Богдан прав. До конца Соболевой я так и не стала. По крайней мере, в его понимании. Но, я уже и не Шацкая… Слишком много времени прошло.
Зависла где-то посередине и качаюсь словно тряпочка на ветру. Каждый, кто проходит мимо, дергает, а я держусь из последних сил.
А кто я вообще?! Когда я об этом всерьез задумывалась?!
Почему мне все указывают, что делать? Почему сестра вправе говорить о моих недостатках и оскорблять отца моих детей? Когда я что-то в себе упустила, раз позволила такое?!
Голос за стенкой стихает, и я поднимаюсь. Умываюсь теплой водой, спешу обратно в комнату.
Маша спит, а экран телефона погас.
Утро начинается с того, что я сама не заметив, спросонья отвечаю на звонок свекрови.
— Яна, здравствуй. Скажи мне, пожалуйста?
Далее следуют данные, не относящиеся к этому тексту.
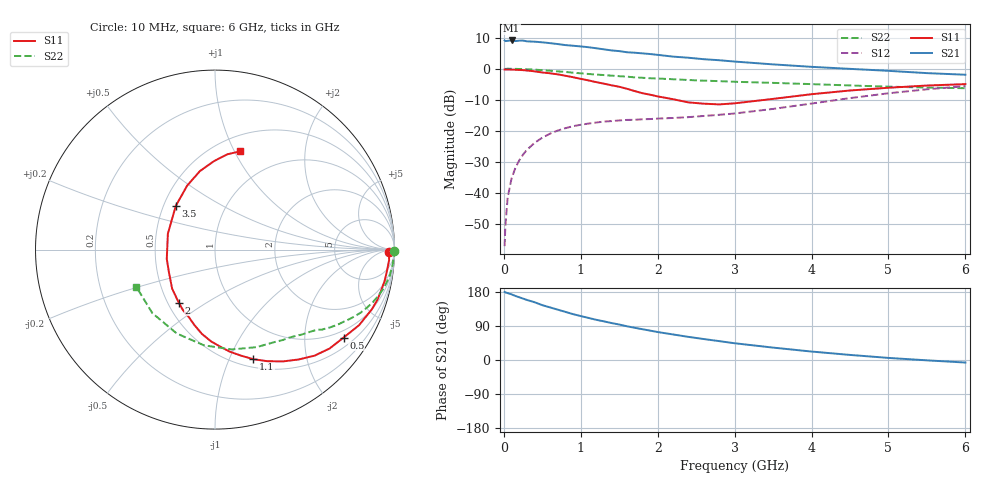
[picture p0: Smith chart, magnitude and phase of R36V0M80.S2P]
! SIEMENS Small Signal Semiconductors
! BFR181
! Si NPN RF Bipolar Junction Transistor in SOT23
! VCE = 6 V  IC = 0.8 mA
! Common Emitter S-Parameters:  May  1996
# GHz  S  MA  R  50
!  f  S11  S21  S12  S22
! GHz  MAG  ANG  MAG  ANG  MAG  ANG  MAG  ANG
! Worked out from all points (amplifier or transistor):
!   36 points, 10 MHz to 6 GHz, reference 50 ohm
!   highest |S21| = 9.1 dB at 100 MHz (marker M1)
!   |S21| within 3 dB of that: start of sweep to 1.342 GHz
!   unconditionally stable (mu >= 1): 2.168 GHz to 3.766 GHz
!   at 250 MHz: K = 0.14, MSG = 18.3 dB, |S12| = -27.6 dB
!   at 1.4 GHz: K = 0.70, MSG = 11.4 dB, |S12| = -16.9 dB
!   at 6 GHz: K = 0.88, MSG = 1.8 dB, |S12| = -5.6 dB
!   S11 on the Smith chart (normalised r, x): 10 MHz: 54, -25; 500 MHz: 0.77, -3.05; 1.1 GHz: 0.59, -1.23; 2 GHz: 0.57, -0.39; 3.5 GHz: 0.58, +0.31; 6 GHz: 0.65, +1.05
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0.01  0.97 -0.8  2.841 179.5  0.0014 88.8  0.9989 -0.4
0.02  0.9693 -1.3  2.773 178.4  0.003 83.1  0.9892 -0.7
0.05  0.9719 -3.5  2.803 176.5  0.0085 87.3  0.9979 -1.7
0.1  0.9657 -7.0  2.842 173.3  0.0171 86.5  0.9948 -3.3
0.15  0.9611 -10.4  2.778 169.0  0.0254 82.2  0.9929 -5.1
0.25  0.9464 -17.4  2.831 162.0  0.0416 77.9  0.9847 -8.3
0.3  0.9349 -20.9  2.748 158.5  0.0496 76.2  0.978 -9.9
0.4  0.9064 -27.7  2.716 152.4  0.0642 71.7  0.9649 -12.9
0.5  0.8679 -34.4  2.653 144.7  0.0778 67.9  0.9455 -15.8
0.7  0.8105 -46.8  2.488 132.9  0.1011 60.2  0.9054 -21.0
0.9  0.7291 -58.7  2.338 121.0  0.1189 53.9  0.8628 -25.5
1.1  0.6468 -70.7  2.213 111.1  0.1311 49.3  0.8216 -29.3
1.4  0.5403 -87.1  1.965 97.5  0.1436 44.0  0.7725 -34.2
1.6  0.4748 -98.9  1.836 89.0  0.15 42.1  0.7446 -36.8
2  0.3581 -124.3  1.667 73.8  0.1576 41.4  0.6945 -41.7
2.2  0.323 -137.7  1.563 67.4  0.1612 41.9  0.6758 -44.5
2.4  0.2869 -153.3  1.499 61.0  0.1662 43.3  0.6572 -47.1
2.8  0.2664 175.1  1.367 49.8  0.1812 46.3  0.6302 -53.0
3.5  0.3268 132.0  1.172 32.7  0.2255 50.6  0.5911 -66.8
4.5  0.4458 100.8  0.993 13.4  0.3364 48.4  0.5371 -96.5
5.5  0.5356 82.6  0.848 -0.9  0.4658 36.2  0.4971 -134.6
6  0.5643 75.8  0.799 -6.7  0.5237 28.1  0.485 -154.6
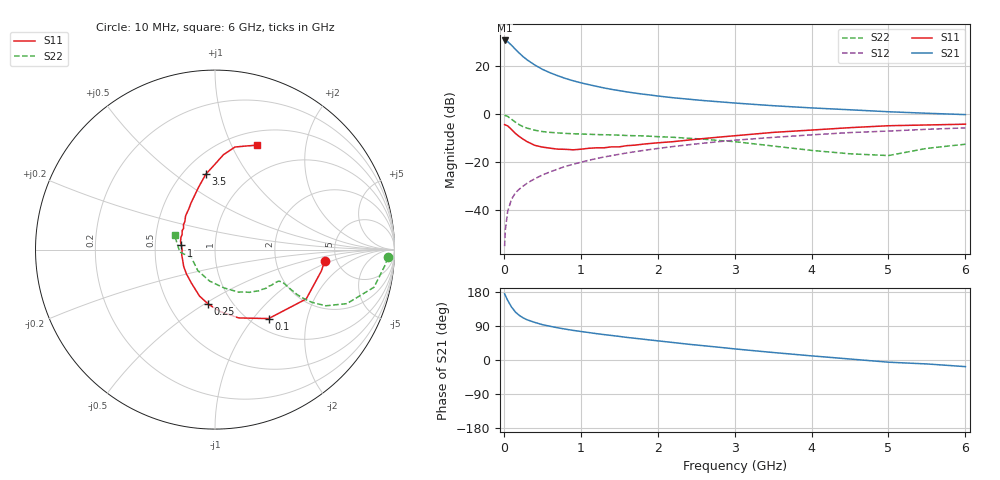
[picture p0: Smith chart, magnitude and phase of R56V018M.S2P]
! SIEMENS Small Signal Semiconductors
! BFR183
! Si NPN RF Bipolar Junction Transistor in SOT23
! VCE = 6 V  IC = 18 mA
! Common Emitter S-Parameters:  May  1996
# GHz  S  MA  R  50
!  f  S11  S21  S12  S22
! GHz  MAG  ANG  MAG  ANG  MAG  ANG  MAG  ANG
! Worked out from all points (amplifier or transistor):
!   36 points, 10 MHz to 6 GHz, reference 50 ohm
!   highest |S21| = 30.8 dB at 10 MHz (marker M1)
!   |S21| within 3 dB of that: start of sweep to 130.1 MHz
!   unconditionally stable (mu >= 1): 623.6 MHz to 2.486 GHz
!   at 250 MHz: K = 0.77, MSG = 27.0 dB, |S12| = -29.9 dB
!   at 1.4 GHz: K = 1.04, MAG = 12.6 dB, |S12| = -17.2 dB
!   at 6 GHz: K = 0.90, MSG = 2.8 dB, |S12| = -5.6 dB
!   S11 on the Smith chart (normalised r, x): 10 MHz: 4.01, -0.82; 100 MHz: 1.19, -1.20; 250 MHz: 0.77, -0.52; 1 GHz: 0.68, +0.03; 3.5 GHz: 0.64, +0.65; 6 GHz: 0.66, +1.26
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0.01  0.6147 -5.9  34.84 174.8  0.0018 83.6  0.9648 -2.6
0.02  0.6046 -11.3  34.41 170.1  0.004 90.9  0.95 -5.5
0.05  0.5779 -28.4  32.82 157.3  0.0096 80.0  0.9106 -13.3
0.1  0.4869 -52.1  27.73 139.8  0.0171 72.0  0.7937 -22.3
0.15  0.4029 -70.9  22.82 126.6  0.0232 67.8  0.6919 -26.9
0.2  0.3469 -85.1  19.03 117.8  0.0277 67.8  0.6124 -28.6
0.25  0.3056 -97.2  16.04 111.3  0.032 67.2  0.5564 -28.9
0.3  0.2727 -108.5  13.83 106.3  0.0367 68.3  0.5204 -28.7
0.4  0.2279 -125.4  10.79 99.3  0.0456 69.0  0.4701 -27.5
0.5  0.2089 -139.6  8.754 93.4  0.0546 69.8  0.4406 -26.5
0.6  0.1985 -151.4  7.403 89.0  0.0636 70.2  0.4238 -26.0
0.7  0.1894 -162.1  6.417 85.0  0.0727 70.4  0.4127 -26.0
0.8  0.1877 -170.8  5.633 81.5  0.0827 69.9  0.4032 -26.1
1  0.1885 173.0  4.577 75.3  0.1008 69.4  0.3917 -27.0
1.1  0.197 167.1  4.197 72.5  0.1107 68.7  0.3865 -28.1
1.3  0.2018 155.3  3.577 67.1  0.1297 67.2  0.3777 -29.9
1.6  0.224 141.7  2.95 59.6  0.1578 64.6  0.3641 -33.8
2.2  0.2711 122.3  2.23 46.1  0.2147 58.5  0.3345 -43.4
3.5  0.4228 97.0  1.522 19.8  0.3329 42.6  0.22 -76.5
4.5  0.531 84.9  1.251 2.6  0.4191 30.3  0.1514 -129.2
5.5  0.6039 73.0  1.059 -10.4  0.4905 18.8  0.1968 -176.0
6  0.6268 68.1  0.993 -17.5  0.5251 11.3  0.2396 160.2

Я тебя чем-то обидела? Почему ты мне не отвечаешь?
— Доброе утро, Юлия Сергеевна! Я… не знаю. Извините, — проговариваю искренне.
— Если я чем-то обидела, прошу прощения. Я на коленях перед тобой стою, дочка. Поговори, пожалуйста, с отцом. Умоляю.
Дальше, словно в тумане слушаю её стенания и просто поверить не могу, что мой родной отец на такое способен…
Глава 17. Яна
— Как ты мог, папа? — залетаю к родителям в спальню в совершенно ужасном виде. Мама ошарашенно смотрит.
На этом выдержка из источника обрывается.